(Materials provided)

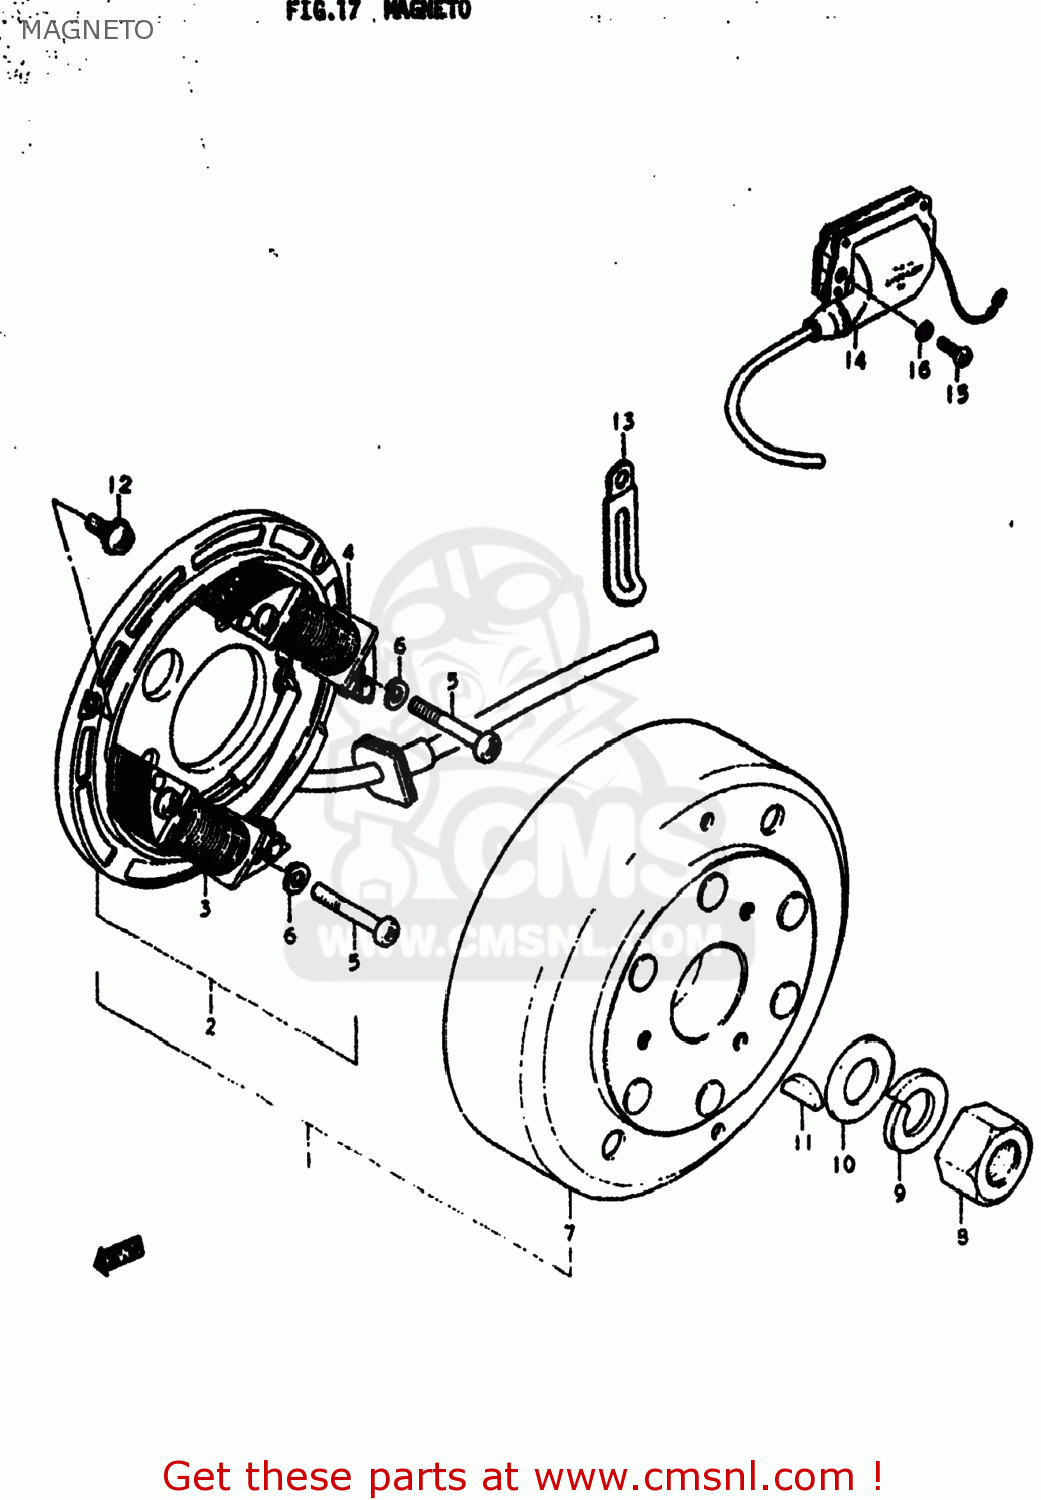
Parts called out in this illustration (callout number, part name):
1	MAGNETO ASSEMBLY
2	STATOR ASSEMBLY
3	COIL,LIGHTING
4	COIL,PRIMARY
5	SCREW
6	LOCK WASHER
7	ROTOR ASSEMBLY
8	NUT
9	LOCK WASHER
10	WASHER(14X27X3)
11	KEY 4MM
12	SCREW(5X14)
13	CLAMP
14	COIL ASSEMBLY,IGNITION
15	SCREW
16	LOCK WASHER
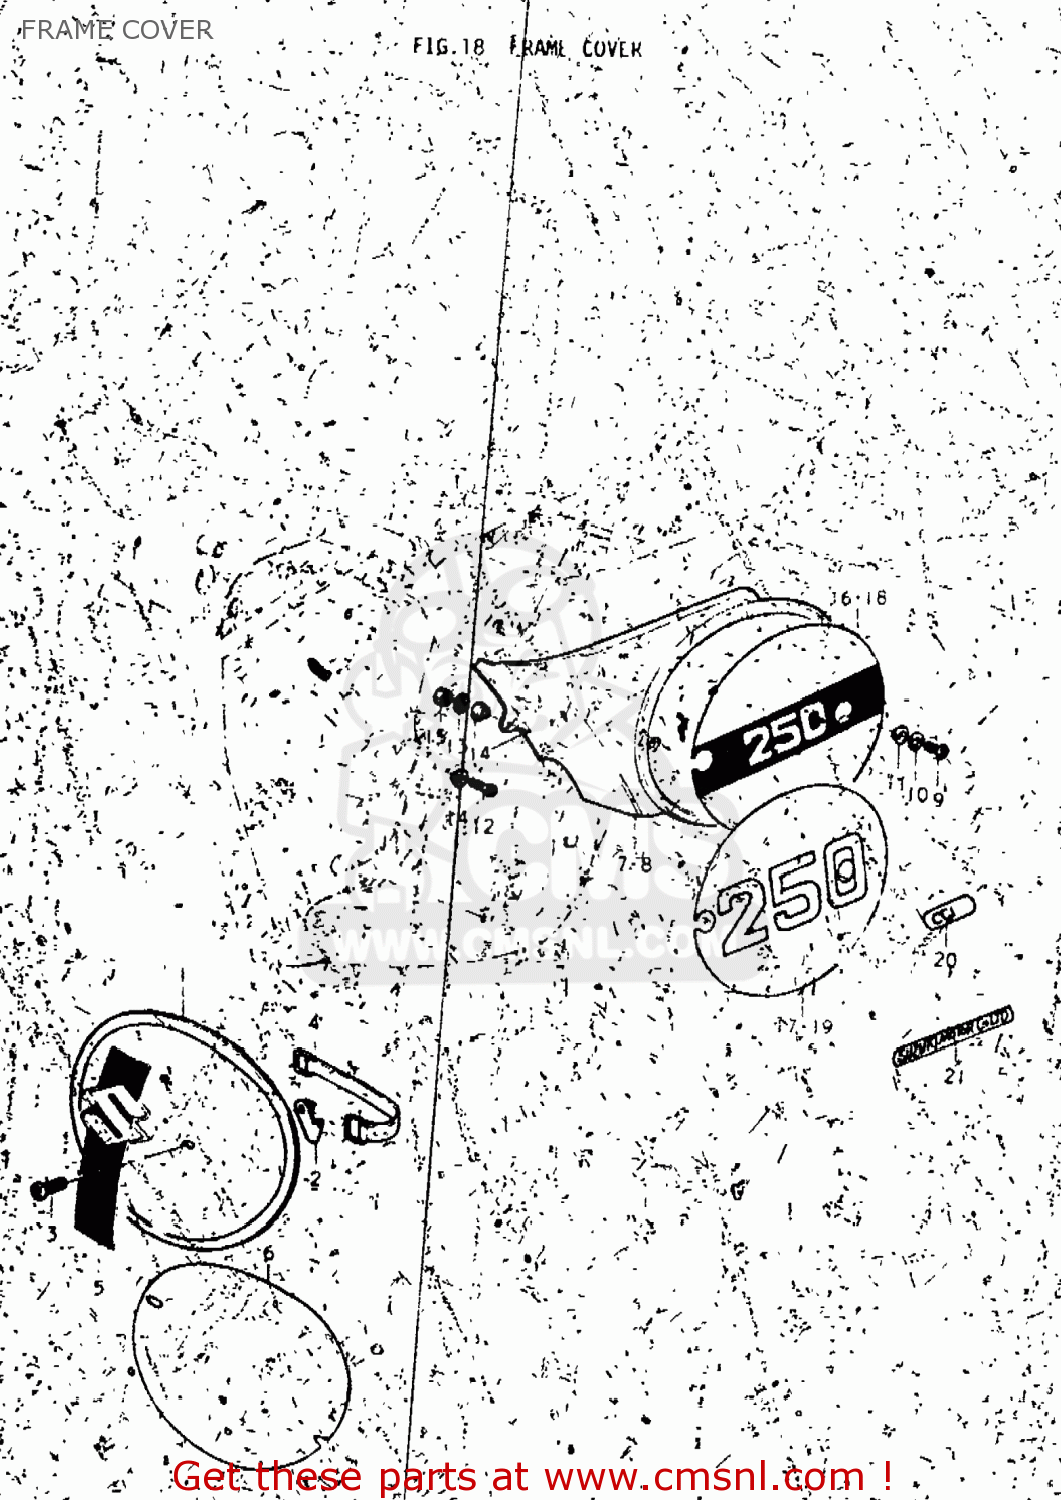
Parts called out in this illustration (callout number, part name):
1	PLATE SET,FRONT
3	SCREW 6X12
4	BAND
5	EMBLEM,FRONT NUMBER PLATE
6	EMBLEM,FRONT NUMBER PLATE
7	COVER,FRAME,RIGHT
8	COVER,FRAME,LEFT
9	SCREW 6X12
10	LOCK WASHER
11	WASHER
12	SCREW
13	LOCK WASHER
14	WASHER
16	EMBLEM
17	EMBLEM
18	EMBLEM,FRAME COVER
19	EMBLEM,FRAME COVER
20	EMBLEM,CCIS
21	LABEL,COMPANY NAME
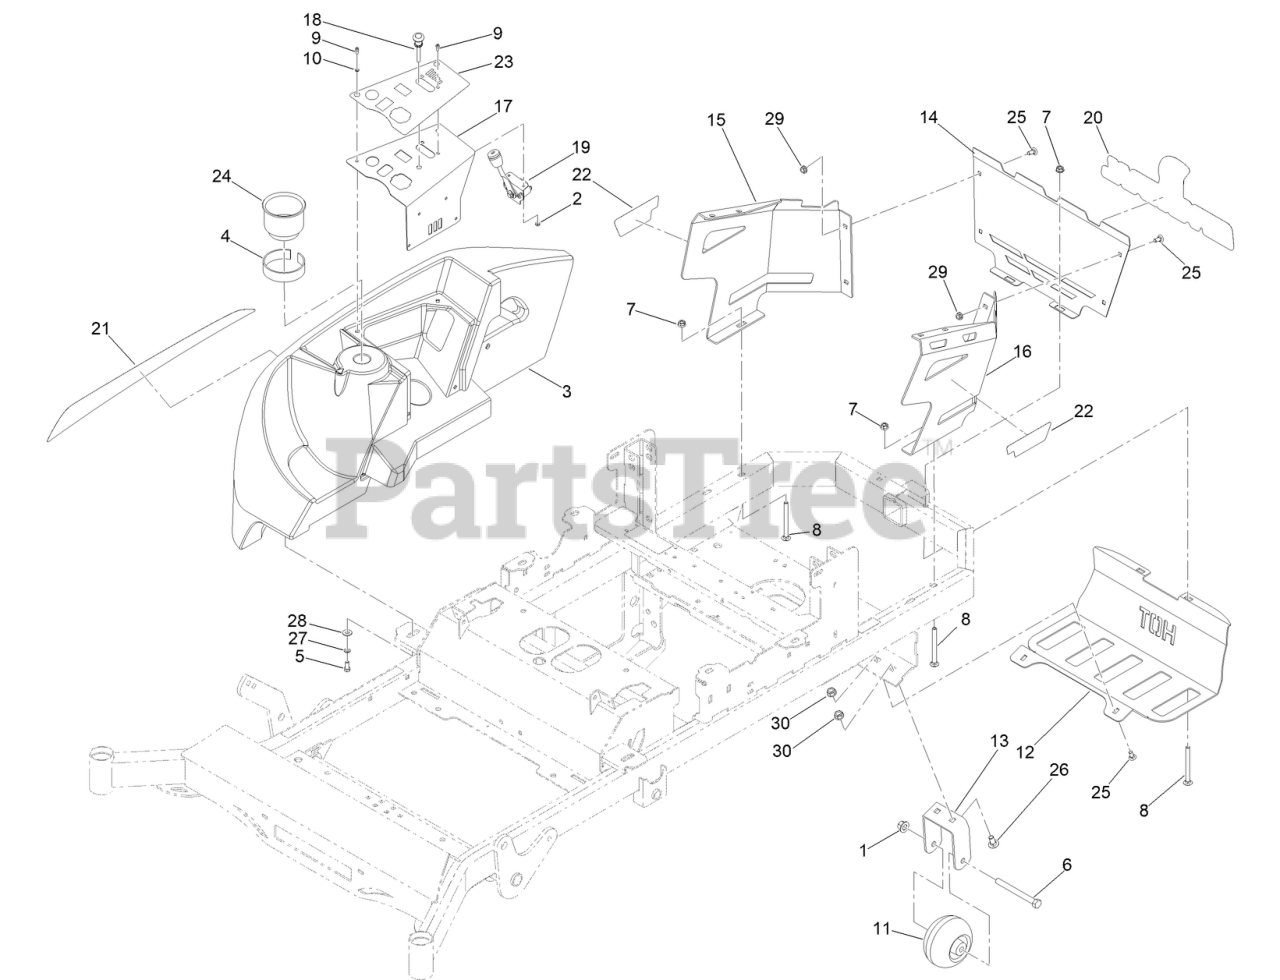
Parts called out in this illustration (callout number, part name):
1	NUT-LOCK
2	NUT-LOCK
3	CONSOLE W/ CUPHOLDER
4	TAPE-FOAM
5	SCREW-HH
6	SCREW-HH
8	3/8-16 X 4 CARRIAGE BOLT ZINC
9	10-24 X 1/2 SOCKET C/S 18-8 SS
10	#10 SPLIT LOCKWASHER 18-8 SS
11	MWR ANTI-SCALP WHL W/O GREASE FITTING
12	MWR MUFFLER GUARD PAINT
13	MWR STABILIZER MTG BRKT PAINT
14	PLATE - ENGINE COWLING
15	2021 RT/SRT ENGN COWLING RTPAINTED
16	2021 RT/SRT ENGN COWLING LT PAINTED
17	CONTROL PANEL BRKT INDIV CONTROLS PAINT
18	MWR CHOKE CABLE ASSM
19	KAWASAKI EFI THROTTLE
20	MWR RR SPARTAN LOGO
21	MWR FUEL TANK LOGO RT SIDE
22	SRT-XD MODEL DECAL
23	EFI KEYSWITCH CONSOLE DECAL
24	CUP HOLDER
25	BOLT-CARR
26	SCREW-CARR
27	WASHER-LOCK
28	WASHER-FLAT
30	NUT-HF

(End Materials provided)

— Problem description —
Using the records above, count the lines that hold the string "FRONT", and give back only the result.

— Final answer —
3